● What to produce
Without the images, write out the whole listing exactly.

● Provided information
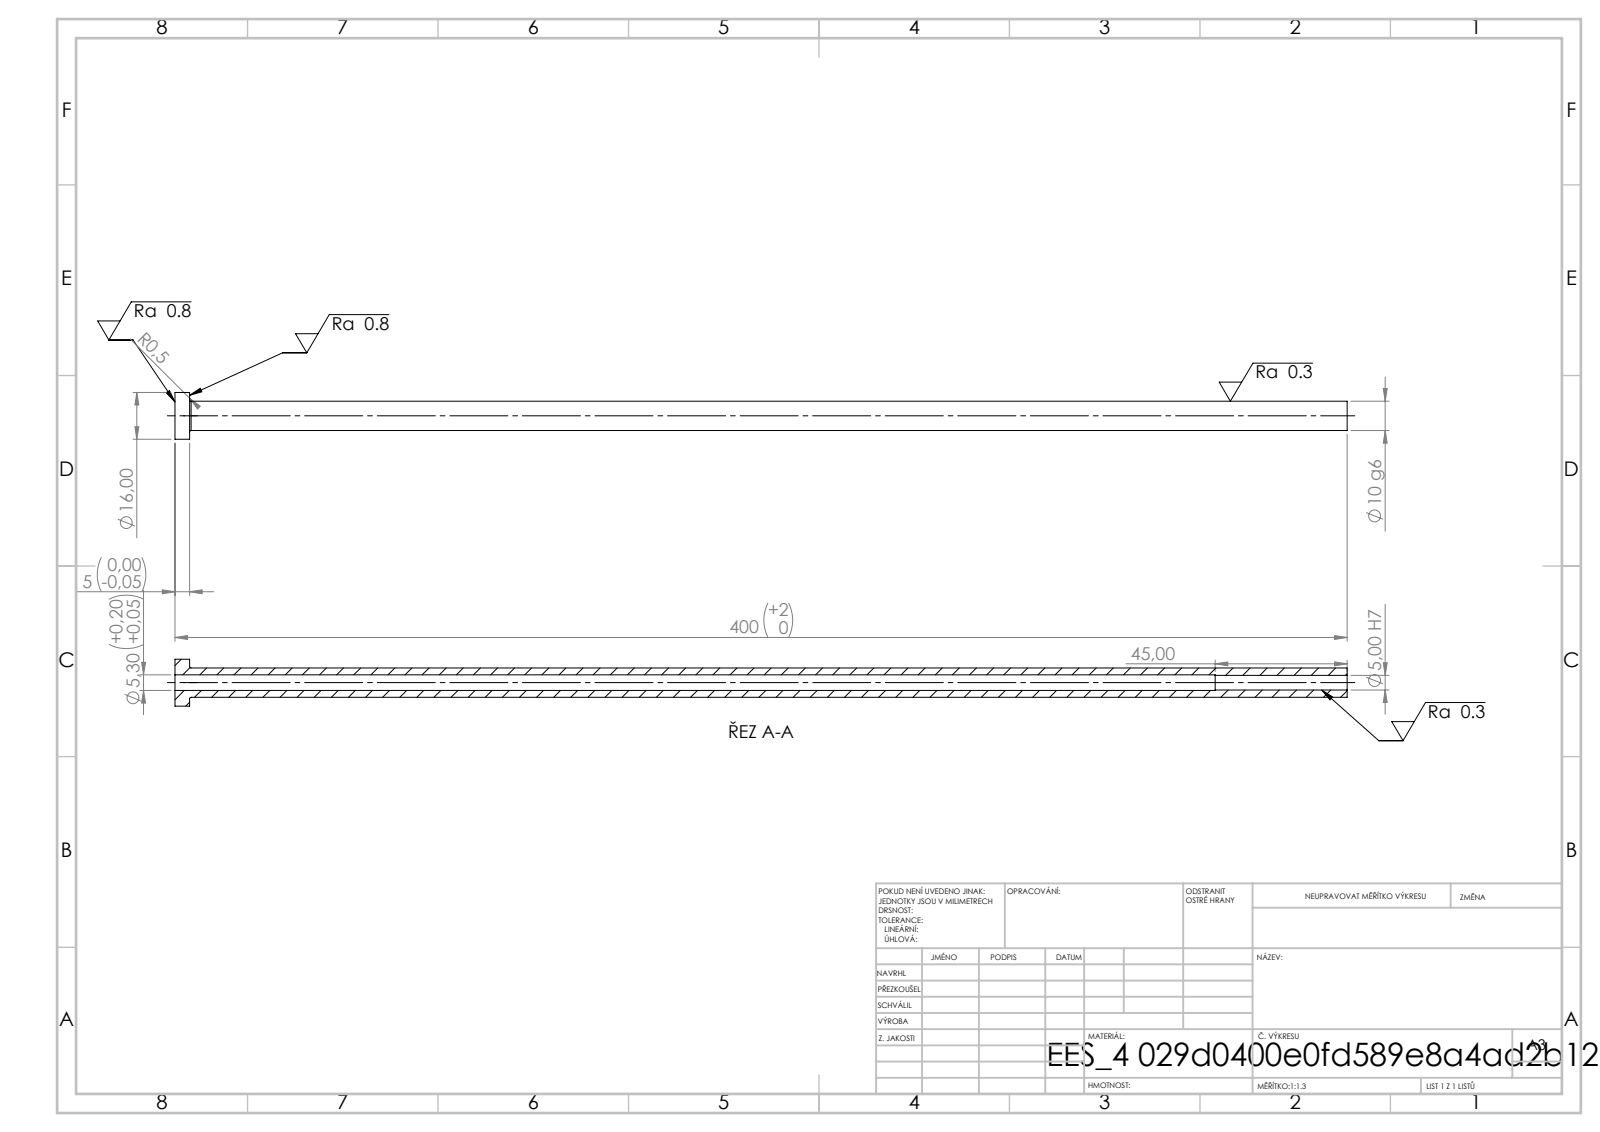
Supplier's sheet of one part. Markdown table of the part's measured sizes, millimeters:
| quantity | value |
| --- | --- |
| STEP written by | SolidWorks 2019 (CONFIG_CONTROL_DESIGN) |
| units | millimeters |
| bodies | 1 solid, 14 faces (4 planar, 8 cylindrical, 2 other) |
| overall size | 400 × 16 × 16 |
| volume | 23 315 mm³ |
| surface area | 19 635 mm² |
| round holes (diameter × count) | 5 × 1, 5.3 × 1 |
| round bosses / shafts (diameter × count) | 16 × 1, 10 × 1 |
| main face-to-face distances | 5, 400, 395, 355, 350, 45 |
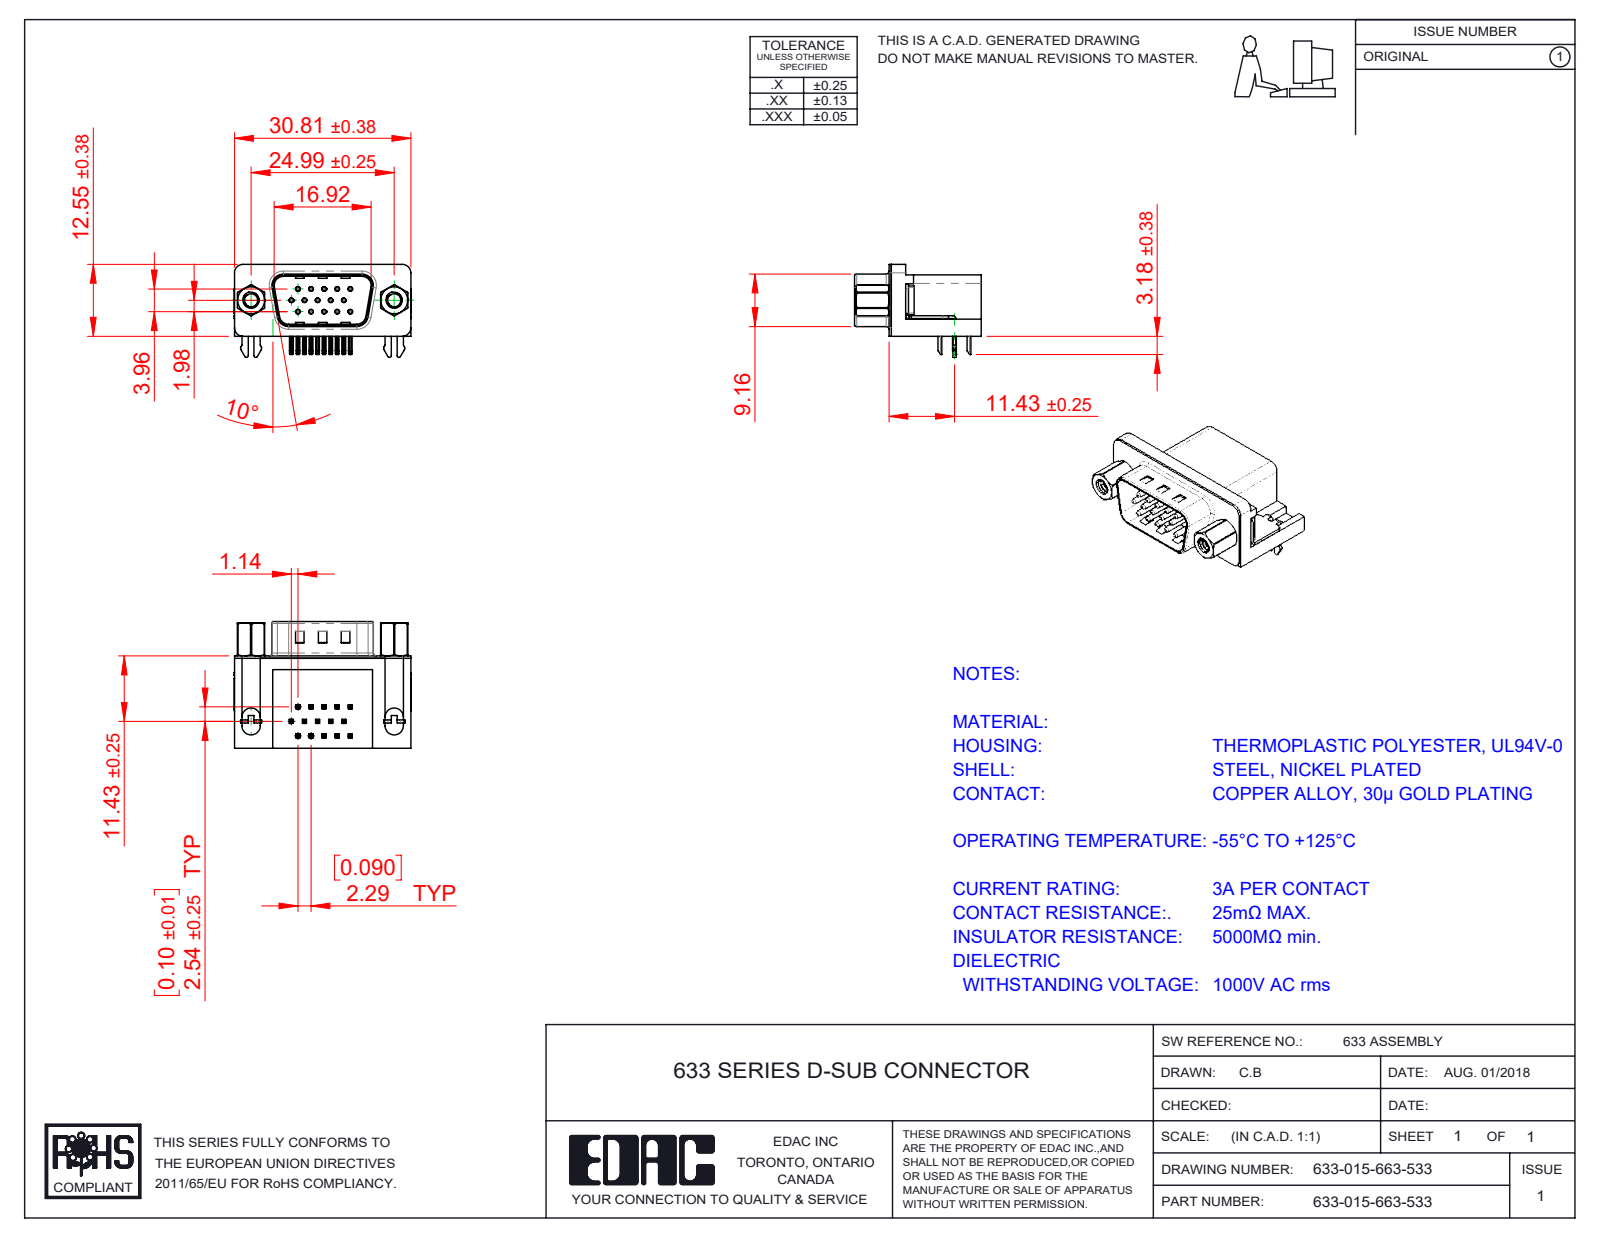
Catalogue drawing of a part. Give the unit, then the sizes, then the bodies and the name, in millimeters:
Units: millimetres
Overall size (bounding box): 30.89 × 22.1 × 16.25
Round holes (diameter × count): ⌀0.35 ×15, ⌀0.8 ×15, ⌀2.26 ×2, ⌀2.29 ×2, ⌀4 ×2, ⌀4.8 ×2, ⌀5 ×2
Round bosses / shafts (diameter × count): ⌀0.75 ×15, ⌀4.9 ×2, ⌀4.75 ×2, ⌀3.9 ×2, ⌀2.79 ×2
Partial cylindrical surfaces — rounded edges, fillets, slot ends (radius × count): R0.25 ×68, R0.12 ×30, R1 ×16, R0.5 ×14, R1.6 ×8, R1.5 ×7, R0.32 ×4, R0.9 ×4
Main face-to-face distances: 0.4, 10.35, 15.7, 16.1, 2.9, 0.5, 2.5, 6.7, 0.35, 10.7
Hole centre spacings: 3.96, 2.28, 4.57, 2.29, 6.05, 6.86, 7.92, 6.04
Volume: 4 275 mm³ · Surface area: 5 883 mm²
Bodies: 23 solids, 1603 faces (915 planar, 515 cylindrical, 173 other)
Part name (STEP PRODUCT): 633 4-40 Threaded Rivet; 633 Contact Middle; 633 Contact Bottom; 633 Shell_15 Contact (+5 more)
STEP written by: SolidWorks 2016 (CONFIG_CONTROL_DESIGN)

● Problem solution
Supplier's sheet of one part. Markdown table of the part's measured sizes, millimeters:
| quantity | value |
| --- | --- |
| STEP written by | SolidWorks 2019 (CONFIG_CONTROL_DESIGN) |
| units | millimeters |
| bodies | 1 solid, 14 faces (4 planar, 8 cylindrical, 2 other) |
| overall size | 400 × 16 × 16 |
| volume | 23 315 mm³ |
| surface area | 19 635 mm² |
| round holes (diameter × count) | 5 × 1, 5.3 × 1 |
| round bosses / shafts (diameter × count) | 16 × 1, 10 × 1 |
| main face-to-face distances | 5, 400, 395, 355, 350, 45 |
Catalogue drawing of a part. Give the unit, then the sizes, then the bodies and the name, in millimeters:
Units: millimetres
Overall size (bounding box): 30.89 × 22.1 × 16.25
Round holes (diameter × count): ⌀0.35 ×15, ⌀0.8 ×15, ⌀2.26 ×2, ⌀2.29 ×2, ⌀4 ×2, ⌀4.8 ×2, ⌀5 ×2
Round bosses / shafts (diameter × count): ⌀0.75 ×15, ⌀4.9 ×2, ⌀4.75 ×2, ⌀3.9 ×2, ⌀2.79 ×2
Partial cylindrical surfaces — rounded edges, fillets, slot ends (radius × count): R0.25 ×68, R0.12 ×30, R1 ×16, R0.5 ×14, R1.6 ×8, R1.5 ×7, R0.32 ×4, R0.9 ×4
Main face-to-face distances: 0.4, 10.35, 15.7, 16.1, 2.9, 0.5, 2.5, 6.7, 0.35, 10.7
Hole centre spacings: 3.96, 2.28, 4.57, 2.29, 6.05, 6.86, 7.92, 6.04
Volume: 4 275 mm³ · Surface area: 5 883 mm²
Bodies: 23 solids, 1603 faces (915 planar, 515 cylindrical, 173 other)
Part name (STEP PRODUCT): 633 4-40 Threaded Rivet; 633 Contact Middle; 633 Contact Bottom; 633 Shell_15 Contact (+5 more)
STEP written by: SolidWorks 2016 (CONFIG_CONTROL_DESIGN)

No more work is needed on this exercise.